Oh how I wish I could answer any of your questions. I've never been through anything like that. You can trust that Buddy will be in our thoughts and that we will be looking for updates once he has seen the vet and after he has had his surgery. Pictures would be a help to the more knowledgable too.


----------



## BeauShel

I dont think that I would mess with it at all before the surgery. Just to be on the safe side. I know with sebaceous cysts (I know different) warm compresses can make them burst. I think it depends on how deep the mast cell tumor goes on whether or not it they will be able to save the leg. When my American eskimo Shelby had a tumor on her eyelid covering half of it, I worried that she would be missing half of the eyelid but she wasnt and you cant even hardly tell she had surgery. Her eye looks alittle smaller but that is all. I know it is different but you will be amazed at what they can do. Especially if the tumor is above the skin and not as deep. 

We will keep Buddy in our prayers that he will be ok again with this tumor too.


----------



## tennisball

Thanks, guys. I'll try to get some pictures up soon for the people who have dealt with these tumors.

On a side note: BeauShel, a stray (not a golden) came into the hospital where I work and I named him Beau after your Beau. It was just a good name that popped into my head at the time. My mom ended up adopting him and he now lives with us


----------



## BayBeams

My Golden boy, Beau, had 2 mast cell tumors removed which so far have not returned after 2 years. I don't know how to answer your questions, perhaps a call to the vet can help calm your worries.

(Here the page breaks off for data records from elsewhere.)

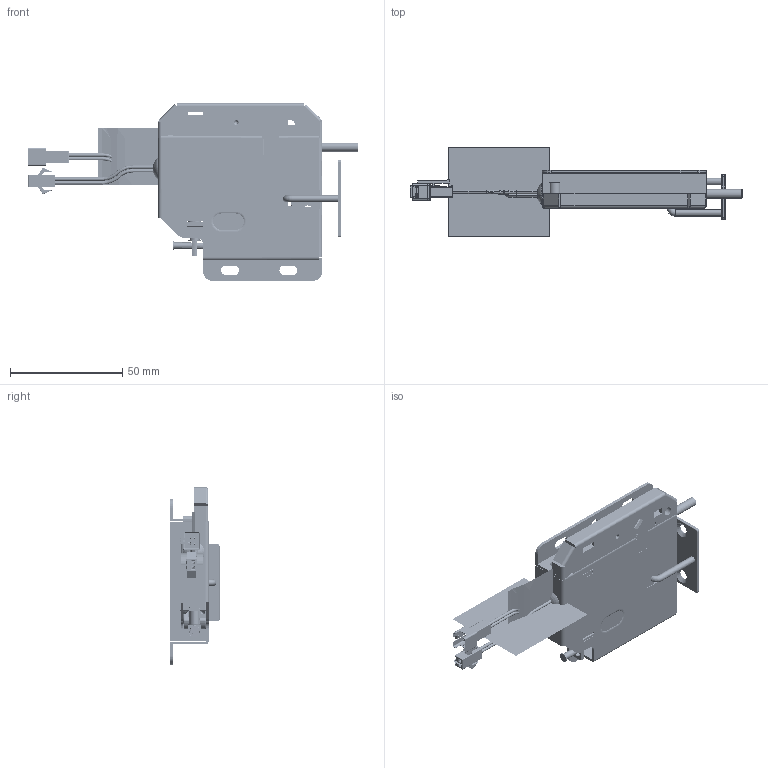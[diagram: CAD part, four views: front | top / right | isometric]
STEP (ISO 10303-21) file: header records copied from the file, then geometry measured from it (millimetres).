
FILE_DESCRIPTION((''),'2;1');
FILE_NAME('0005_ASM','2025-12-13T14:35:09',('PRIME'),(''),'CREO PARAMETRIC BY PTC INC, 2023073','CREO PARAMETRIC BY PTC INC, 2023073','');
FILE_SCHEMA(('CONFIG_CONTROL_DESIGN'));
Products named in the file (16): 0001; 1373-1C-00; 1373-1-0001; 1373-1B-00; 1373-1-00; 0537-1-0001; 4052-1B-0001; 0002; 26MM_4_40001; 00; _XG00; M3-60001; 0005_ASM
Assembly tree (17 placements, depth 2):
  0005_ASM
    0001
    1373-1C-00
    1373-1C-00
    1373-1-0001
    1373-1B-00
    1373-1B-00
    1373-1-00
    0537-1-0001
    4052-1B-0001
    0002
    26MM_4_40001
    00
    00
    _XG00
    M3-60001  x3
Bounding box: 147.9 x 40 x 79 mm (x, y, z)
Volume: 23580.7 mm3; surface area: 69608.3 mm2
Topology: 21 solids, 27 shells, 3043 faces, 7252 edges, 4324 vertices
Faces by surface type: cylinder 1359, plane 708, torus 355, bspline 349, sphere 170, cone 61, extrusion 41
Entity records: 127866 total; most frequent: CARTESIAN_POINT 63709, ORIENTED_EDGE 13710, DIRECTION 12678, EDGE_CURVE 6868, AXIS2_PLACEMENT_3D 4770, VERTEX_POINT 4118, VECTOR 3138, LINE 3097

I just want to send well wishes and positive thoughts your way for the best of all possible outcomes!


----------



## Penny & Maggie's Mom

I would investigate getting the surgery moved up. Perhaps they can set up a payment plan or accept the Care Card, which offers no interest credit for a year ( I think). Sending lots of good thoughts. As far as keeping sane, we all are wrecks when something is the matter with one of our fur babies. Know that the forum power is with you, sending lots of good, sane healing power your way. Please keep us posted.


----------



## GoldenCamper

Your post sounds exactly like what happened to one of Tucker's best buddies, Mandy. This photo was taken Oct. 2009.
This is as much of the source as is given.